DESCRIPTION OF THE TASK: How many of the lines below hold the word "cross"? Answer only with the number.

----

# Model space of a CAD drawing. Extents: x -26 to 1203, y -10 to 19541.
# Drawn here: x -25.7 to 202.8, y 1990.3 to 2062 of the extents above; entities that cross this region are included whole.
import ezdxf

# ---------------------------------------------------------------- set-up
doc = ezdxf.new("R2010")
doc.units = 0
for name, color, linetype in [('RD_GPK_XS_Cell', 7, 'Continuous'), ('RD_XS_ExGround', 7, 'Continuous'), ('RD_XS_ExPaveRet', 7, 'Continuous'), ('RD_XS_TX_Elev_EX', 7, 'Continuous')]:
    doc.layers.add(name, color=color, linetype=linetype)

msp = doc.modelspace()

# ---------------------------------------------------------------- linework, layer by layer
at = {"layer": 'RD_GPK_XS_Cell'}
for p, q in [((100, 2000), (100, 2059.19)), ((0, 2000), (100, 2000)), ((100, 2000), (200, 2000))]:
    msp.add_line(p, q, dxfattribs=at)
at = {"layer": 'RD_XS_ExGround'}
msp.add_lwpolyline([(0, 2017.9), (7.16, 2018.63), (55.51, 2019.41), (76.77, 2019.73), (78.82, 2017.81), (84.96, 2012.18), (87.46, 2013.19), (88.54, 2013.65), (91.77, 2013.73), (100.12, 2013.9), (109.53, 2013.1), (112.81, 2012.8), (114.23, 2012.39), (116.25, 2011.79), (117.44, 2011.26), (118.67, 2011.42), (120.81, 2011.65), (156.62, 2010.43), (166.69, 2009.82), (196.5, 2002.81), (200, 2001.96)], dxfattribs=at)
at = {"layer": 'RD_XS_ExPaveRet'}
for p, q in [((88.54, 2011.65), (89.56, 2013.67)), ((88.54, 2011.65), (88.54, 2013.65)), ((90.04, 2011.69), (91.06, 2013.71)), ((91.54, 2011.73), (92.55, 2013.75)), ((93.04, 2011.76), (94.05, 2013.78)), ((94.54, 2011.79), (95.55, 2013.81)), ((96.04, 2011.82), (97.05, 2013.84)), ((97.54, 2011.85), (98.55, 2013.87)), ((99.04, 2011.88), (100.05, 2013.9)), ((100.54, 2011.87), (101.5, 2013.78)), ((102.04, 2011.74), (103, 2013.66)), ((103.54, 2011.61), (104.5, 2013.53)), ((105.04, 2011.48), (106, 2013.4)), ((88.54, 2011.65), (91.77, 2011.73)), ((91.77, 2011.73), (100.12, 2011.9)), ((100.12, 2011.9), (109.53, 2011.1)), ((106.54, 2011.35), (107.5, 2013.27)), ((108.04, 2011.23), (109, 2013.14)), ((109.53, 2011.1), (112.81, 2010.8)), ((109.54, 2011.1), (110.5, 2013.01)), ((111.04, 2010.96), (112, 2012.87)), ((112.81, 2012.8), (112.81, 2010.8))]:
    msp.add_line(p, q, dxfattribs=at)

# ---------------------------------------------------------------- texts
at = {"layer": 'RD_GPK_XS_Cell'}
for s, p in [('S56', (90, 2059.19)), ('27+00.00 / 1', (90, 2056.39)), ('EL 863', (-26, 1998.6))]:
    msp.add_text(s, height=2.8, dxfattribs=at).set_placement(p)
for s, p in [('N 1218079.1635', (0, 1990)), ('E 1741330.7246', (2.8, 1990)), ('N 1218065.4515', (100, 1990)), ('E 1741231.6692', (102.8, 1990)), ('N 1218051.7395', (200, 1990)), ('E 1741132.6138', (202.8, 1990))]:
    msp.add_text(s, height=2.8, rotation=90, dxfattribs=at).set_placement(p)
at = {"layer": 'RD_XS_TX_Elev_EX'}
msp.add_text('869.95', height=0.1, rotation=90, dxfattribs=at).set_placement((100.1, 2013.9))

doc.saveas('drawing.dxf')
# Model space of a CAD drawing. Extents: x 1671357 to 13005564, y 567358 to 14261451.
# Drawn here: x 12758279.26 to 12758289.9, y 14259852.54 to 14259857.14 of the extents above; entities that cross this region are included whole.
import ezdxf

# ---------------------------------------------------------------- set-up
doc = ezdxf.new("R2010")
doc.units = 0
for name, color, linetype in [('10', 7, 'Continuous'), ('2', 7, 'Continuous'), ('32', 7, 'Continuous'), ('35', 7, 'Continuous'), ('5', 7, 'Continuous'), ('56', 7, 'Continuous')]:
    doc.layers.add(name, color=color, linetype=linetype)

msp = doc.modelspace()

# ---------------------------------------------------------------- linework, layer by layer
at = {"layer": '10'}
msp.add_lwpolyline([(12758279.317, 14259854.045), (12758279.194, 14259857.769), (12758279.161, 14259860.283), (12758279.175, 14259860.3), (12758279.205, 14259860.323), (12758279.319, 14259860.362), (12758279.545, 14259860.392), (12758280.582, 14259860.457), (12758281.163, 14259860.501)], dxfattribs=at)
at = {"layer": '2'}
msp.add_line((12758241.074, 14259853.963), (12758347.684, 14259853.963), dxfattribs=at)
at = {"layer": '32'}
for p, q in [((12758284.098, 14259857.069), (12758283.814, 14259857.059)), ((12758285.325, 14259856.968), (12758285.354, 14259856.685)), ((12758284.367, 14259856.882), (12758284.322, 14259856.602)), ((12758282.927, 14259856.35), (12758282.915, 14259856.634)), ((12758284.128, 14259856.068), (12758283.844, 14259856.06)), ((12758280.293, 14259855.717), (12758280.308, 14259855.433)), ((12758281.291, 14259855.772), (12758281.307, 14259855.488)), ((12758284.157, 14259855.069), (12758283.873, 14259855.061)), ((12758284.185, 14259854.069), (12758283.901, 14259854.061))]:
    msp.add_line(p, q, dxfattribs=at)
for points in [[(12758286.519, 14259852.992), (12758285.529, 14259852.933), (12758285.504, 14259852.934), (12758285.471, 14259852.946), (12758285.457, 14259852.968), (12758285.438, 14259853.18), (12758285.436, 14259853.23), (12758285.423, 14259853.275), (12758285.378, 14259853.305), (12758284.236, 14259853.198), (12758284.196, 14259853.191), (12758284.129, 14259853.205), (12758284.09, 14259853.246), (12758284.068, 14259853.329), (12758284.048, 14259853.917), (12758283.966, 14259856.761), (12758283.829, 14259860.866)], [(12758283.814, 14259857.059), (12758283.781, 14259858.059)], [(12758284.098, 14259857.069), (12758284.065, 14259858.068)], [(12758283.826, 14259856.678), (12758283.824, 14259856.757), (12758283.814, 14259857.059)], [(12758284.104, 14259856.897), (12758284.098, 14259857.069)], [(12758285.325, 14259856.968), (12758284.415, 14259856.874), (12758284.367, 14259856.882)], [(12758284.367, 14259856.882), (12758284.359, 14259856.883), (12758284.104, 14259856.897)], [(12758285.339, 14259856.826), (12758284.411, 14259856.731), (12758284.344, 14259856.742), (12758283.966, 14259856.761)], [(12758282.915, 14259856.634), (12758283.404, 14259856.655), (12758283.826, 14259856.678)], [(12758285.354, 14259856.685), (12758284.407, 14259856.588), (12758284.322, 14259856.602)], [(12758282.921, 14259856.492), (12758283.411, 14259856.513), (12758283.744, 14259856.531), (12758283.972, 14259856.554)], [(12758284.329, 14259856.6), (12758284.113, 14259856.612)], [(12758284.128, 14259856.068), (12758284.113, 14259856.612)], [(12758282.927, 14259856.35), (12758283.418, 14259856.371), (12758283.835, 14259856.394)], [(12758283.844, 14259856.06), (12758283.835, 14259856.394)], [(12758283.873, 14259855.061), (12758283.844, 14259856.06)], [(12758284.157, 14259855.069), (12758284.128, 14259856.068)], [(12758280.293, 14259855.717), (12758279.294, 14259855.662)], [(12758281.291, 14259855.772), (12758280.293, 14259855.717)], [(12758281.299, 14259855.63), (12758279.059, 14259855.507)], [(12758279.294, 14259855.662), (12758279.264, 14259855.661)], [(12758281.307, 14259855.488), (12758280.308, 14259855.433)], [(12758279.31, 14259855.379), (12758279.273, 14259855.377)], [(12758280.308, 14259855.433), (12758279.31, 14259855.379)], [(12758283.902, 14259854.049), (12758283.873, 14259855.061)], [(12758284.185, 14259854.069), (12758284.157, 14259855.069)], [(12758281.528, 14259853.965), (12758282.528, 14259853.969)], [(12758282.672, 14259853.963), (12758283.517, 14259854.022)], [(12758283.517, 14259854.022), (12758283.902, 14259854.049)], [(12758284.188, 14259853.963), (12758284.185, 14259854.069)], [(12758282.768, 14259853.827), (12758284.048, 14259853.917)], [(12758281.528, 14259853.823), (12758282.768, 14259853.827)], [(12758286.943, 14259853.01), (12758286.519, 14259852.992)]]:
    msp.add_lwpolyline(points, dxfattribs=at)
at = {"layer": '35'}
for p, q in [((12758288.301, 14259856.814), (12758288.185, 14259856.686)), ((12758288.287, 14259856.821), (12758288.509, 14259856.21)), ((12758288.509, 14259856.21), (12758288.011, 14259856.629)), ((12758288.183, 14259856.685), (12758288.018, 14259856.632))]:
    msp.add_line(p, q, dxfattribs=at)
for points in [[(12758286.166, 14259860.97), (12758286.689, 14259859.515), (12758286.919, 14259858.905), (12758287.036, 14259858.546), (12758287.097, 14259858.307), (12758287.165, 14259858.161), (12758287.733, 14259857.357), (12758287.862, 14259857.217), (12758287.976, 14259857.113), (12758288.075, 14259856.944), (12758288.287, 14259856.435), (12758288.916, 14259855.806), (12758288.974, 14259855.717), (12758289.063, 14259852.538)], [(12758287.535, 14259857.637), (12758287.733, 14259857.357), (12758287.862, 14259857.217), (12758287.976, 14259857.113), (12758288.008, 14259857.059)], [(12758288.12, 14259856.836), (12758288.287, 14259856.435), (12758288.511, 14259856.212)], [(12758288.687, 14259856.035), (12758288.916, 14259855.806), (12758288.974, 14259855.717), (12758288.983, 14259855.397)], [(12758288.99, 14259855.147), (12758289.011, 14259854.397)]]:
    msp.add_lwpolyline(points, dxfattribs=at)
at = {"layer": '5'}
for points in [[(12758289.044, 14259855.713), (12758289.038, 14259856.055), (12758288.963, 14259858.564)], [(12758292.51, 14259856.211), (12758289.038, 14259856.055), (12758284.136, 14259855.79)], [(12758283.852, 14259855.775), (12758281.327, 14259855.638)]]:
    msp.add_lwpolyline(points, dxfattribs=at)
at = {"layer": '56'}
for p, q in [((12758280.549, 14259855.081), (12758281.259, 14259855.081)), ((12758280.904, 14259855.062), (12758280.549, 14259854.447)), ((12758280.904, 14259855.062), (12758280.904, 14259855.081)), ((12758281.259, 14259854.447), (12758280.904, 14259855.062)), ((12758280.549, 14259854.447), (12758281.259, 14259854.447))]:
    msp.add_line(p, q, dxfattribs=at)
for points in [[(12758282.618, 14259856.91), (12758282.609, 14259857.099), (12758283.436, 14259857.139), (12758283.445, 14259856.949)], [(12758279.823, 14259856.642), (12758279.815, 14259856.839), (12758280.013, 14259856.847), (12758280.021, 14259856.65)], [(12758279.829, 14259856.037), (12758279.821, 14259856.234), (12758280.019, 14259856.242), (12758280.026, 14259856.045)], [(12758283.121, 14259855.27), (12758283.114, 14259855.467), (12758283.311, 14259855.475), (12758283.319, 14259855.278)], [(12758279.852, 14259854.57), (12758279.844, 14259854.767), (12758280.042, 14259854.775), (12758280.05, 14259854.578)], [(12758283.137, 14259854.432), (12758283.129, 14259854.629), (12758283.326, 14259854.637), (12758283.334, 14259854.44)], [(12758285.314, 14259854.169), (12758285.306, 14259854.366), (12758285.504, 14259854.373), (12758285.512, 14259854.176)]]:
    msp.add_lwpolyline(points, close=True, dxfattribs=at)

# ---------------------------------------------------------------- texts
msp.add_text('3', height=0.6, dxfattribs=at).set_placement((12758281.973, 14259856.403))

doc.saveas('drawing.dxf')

----

SOLUTION: 2